I sit inside another Fluence for a demonstration of battery switch. Better Place is testing the system ahead of its planned initial deployment of about 56 stations around Israel. (The company will offer all its customers a personal charging spot at home and work.) For a driver the system is, as I had been told, as easy as a visit to a filling station. The driver switches the car to neutral, turns off the ignition, and I feel the car rise as it is lifted. The old battery is taken out, then a battery is lifted from a rack alongside and latched into the bottom of the car.
. . .
On the same day I ride the Fluence, I interview Agassi, putting to him some of the scepticism in the industry about decoupling and shunting around heavy batteries. (The Fluence’s weighs about 250 kg). He is patient with my questions, which, I suspect, he hears a lot. “It scares the industry like any change scares the industry”, he says. “The analysts are still looking at a switchable battery car as if it were competition to an electric vehicle, but it’s competition to a normal car.”
But isn’t battery swap an expensive solution to a problem that market forces and technological change will solve themselves? “We’re building a network on day one that can serve 100,000-plus cars”, he says. The price of the network, he said, amounts to “about seven days of gasoline – seven days of gasoline to get a country off oil.”
He says that the same ratio applies to every country in Europe. “We can get France, the UK, Germany off the use of oil for seven days’ gasoline. We can prove that”.

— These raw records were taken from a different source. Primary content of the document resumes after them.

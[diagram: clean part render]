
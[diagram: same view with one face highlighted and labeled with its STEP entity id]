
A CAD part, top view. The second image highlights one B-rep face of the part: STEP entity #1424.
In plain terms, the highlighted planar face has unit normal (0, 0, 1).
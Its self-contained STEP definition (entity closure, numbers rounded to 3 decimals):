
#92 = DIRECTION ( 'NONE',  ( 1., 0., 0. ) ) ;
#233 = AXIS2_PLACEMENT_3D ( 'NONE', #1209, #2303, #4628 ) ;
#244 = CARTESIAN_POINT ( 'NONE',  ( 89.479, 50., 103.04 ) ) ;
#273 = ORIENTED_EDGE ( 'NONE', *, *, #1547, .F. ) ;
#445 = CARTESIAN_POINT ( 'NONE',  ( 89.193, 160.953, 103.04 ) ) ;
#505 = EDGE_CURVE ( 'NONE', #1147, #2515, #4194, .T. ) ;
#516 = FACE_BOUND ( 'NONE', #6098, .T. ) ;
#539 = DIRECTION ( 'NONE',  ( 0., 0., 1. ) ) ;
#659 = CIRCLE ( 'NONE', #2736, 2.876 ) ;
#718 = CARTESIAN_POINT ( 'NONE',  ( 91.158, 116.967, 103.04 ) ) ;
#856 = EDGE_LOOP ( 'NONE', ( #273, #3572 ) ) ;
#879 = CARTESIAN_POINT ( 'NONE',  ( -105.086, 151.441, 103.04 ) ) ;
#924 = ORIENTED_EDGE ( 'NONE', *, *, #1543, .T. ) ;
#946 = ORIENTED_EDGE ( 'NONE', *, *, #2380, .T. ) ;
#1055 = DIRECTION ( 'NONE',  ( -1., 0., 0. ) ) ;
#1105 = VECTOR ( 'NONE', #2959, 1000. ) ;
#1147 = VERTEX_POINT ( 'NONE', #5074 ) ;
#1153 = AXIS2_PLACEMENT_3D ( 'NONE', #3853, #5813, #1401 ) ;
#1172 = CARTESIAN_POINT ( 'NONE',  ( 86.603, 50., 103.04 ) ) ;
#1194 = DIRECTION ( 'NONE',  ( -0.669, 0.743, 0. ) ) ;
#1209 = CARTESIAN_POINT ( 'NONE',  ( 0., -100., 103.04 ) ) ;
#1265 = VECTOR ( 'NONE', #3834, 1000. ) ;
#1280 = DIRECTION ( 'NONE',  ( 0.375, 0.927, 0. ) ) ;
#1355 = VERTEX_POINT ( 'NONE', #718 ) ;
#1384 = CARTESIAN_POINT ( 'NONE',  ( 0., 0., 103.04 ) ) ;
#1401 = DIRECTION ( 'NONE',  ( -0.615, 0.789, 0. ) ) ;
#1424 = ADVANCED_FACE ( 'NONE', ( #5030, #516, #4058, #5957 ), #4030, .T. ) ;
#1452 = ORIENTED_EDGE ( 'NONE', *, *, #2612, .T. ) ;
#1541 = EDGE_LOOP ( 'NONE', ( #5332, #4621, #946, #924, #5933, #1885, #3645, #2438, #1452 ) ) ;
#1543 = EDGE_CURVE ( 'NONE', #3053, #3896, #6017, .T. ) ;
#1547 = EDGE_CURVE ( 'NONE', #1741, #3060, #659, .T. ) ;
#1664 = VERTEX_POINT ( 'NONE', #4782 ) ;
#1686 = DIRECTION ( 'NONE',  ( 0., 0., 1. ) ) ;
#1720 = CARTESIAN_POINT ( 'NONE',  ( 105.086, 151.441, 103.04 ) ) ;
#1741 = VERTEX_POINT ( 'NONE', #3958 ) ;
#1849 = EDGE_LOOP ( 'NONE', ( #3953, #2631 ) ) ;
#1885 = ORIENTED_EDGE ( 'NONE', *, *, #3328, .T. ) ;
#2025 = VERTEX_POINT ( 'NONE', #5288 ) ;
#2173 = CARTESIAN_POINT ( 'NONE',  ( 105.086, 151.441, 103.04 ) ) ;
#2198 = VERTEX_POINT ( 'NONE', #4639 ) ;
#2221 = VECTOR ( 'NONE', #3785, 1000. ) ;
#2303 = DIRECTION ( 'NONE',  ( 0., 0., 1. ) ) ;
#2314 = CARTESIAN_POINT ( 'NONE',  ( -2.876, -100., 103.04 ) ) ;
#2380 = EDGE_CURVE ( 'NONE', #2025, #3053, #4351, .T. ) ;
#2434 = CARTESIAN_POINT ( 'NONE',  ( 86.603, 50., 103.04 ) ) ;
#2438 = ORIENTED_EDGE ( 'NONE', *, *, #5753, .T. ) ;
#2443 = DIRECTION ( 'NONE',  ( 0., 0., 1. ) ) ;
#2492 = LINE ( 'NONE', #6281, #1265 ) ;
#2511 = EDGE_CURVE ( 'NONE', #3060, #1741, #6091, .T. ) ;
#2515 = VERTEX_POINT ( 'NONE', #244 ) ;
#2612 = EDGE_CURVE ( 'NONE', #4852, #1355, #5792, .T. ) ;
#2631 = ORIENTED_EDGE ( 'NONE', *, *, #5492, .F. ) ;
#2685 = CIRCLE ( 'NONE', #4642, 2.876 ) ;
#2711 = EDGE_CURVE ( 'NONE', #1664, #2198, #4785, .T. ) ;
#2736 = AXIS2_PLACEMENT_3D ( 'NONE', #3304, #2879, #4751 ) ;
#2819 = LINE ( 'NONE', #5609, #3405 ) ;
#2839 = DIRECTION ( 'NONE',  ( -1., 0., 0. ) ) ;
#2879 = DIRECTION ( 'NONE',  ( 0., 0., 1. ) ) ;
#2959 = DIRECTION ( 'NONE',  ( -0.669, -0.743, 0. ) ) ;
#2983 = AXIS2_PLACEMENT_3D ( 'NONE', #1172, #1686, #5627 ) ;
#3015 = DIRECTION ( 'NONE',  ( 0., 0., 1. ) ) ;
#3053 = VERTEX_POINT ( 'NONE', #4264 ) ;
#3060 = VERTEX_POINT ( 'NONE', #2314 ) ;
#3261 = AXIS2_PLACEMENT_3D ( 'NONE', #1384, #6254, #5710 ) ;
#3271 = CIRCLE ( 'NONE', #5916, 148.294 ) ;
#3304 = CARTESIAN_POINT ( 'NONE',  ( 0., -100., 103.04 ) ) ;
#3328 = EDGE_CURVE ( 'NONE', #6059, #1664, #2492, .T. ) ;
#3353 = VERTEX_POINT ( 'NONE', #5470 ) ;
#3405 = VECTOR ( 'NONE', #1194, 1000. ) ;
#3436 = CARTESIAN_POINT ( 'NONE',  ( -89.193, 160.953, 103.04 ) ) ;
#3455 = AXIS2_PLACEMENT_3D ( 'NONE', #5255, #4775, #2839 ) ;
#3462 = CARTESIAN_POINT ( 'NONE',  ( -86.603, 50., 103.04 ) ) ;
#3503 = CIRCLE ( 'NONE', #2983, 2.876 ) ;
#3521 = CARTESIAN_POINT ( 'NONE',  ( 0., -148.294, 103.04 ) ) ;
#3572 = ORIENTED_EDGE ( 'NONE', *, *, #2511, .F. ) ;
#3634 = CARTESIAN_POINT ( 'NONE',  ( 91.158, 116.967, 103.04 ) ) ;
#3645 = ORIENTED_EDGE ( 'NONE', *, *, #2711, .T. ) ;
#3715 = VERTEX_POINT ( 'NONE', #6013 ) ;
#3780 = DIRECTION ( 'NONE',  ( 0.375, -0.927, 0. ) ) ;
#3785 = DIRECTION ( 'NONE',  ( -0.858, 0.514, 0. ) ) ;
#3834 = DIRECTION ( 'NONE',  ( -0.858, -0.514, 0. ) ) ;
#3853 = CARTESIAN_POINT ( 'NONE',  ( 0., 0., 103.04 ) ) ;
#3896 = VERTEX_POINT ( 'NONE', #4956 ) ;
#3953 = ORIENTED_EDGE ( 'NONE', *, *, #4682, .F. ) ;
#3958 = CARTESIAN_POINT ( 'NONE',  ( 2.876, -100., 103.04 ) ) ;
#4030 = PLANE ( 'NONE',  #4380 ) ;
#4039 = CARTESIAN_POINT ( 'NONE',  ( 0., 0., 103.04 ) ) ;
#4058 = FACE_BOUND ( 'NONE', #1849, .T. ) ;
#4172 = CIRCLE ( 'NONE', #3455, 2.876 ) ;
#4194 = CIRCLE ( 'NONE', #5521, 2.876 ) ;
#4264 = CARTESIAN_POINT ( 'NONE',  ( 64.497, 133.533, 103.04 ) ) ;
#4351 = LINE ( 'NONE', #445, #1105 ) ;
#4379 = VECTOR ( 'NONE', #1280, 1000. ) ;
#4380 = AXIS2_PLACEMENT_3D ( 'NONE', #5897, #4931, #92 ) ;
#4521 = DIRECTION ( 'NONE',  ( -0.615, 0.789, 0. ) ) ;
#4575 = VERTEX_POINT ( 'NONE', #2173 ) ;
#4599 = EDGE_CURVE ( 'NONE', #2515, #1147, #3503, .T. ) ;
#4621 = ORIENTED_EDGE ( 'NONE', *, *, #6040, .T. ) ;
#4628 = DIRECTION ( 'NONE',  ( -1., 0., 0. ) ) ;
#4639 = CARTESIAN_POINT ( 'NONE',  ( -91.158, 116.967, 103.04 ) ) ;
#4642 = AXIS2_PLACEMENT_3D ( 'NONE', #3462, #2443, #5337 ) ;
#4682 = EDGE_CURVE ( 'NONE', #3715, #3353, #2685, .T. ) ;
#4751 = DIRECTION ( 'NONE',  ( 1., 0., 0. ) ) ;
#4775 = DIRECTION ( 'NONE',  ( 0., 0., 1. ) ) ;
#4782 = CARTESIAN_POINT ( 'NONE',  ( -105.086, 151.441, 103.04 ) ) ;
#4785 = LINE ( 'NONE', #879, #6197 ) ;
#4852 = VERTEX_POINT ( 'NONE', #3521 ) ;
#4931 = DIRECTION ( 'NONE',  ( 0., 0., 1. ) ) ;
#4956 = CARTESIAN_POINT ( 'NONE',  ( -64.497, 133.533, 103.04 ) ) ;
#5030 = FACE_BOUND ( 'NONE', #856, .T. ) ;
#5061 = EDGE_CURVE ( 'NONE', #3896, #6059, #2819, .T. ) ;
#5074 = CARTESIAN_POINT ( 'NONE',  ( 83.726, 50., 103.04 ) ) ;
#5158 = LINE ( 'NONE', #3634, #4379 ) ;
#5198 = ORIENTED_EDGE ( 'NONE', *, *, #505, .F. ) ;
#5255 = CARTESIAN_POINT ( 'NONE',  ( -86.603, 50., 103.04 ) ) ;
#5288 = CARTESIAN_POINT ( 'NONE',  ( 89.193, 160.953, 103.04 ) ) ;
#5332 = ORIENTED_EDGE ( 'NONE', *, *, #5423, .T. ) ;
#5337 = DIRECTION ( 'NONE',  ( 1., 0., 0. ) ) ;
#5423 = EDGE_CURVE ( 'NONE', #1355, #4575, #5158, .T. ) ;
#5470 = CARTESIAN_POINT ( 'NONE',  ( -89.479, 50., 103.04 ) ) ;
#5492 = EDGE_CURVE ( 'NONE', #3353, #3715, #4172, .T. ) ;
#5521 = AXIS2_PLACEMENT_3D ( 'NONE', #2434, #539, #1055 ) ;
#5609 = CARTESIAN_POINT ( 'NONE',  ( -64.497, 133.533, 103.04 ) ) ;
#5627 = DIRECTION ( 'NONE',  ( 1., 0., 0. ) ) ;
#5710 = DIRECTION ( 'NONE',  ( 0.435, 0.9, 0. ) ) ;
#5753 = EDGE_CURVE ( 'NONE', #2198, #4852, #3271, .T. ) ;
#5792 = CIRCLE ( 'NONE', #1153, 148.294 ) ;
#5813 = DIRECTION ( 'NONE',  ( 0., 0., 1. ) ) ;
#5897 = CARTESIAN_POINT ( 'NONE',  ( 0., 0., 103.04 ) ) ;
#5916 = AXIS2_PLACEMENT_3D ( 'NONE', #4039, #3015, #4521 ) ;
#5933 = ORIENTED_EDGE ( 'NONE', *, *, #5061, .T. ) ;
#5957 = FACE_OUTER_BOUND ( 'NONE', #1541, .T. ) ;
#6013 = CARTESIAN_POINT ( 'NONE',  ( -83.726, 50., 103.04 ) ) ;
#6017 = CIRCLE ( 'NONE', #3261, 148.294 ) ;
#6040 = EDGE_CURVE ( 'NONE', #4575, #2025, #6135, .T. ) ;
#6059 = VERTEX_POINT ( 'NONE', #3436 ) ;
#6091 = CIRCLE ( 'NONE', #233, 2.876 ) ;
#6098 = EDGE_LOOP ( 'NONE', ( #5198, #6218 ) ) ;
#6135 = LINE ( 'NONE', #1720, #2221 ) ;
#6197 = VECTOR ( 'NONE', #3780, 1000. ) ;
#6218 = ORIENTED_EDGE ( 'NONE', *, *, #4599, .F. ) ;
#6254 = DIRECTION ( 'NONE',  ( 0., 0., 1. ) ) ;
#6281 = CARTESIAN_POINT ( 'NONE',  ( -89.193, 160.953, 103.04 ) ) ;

To confront some of the scepticism, in April Better Place opened a switch station in Tokyo that is keeping three taxis running around the clock. There the time needed for battery switch is 59 seconds. The station has a glass wall, and is a minor tourist attraction.
Agassi’s company is sceptical about quick-charging, which it says is not as quick as it sounds: the car’s battery needs to be cooled first, or risk becoming degraded over repeated charges. Better Place also points out that it would put greater demands on the power supply; one of the company’s key constituencies, in Israel as elsewhere, is the utility companies. Utilities will need to manage the requirement for power that millions of electric cars will create.
Agassi’s model appears to have resonated in China, where the government is launching electric car pilots in five cities. In July, a government conference on electric cars endorsed battery swapping and slow charging as the way to recharge electric vehicles and plug-in hybrids in the future. “If China goes electric, it doesn’t matter if Merkel will only have a million electric cars on the road by 2020,” Agassi says.
Concluding the interview, we walk out to the visitors’ centre, which Agassi calls “the biggest dealership on earth”. He says that about 250 people pass through its door daily; as we stand there, about three dozen people are waiting for the tour.
“Do you see this?” he asks me, in sales pitch mode again. “This is every automakers’ dream – they would love to see something like this in their dealerships.
“I’m getting this here – and half of them are signing up”. With that, Agassi is off to another meeting.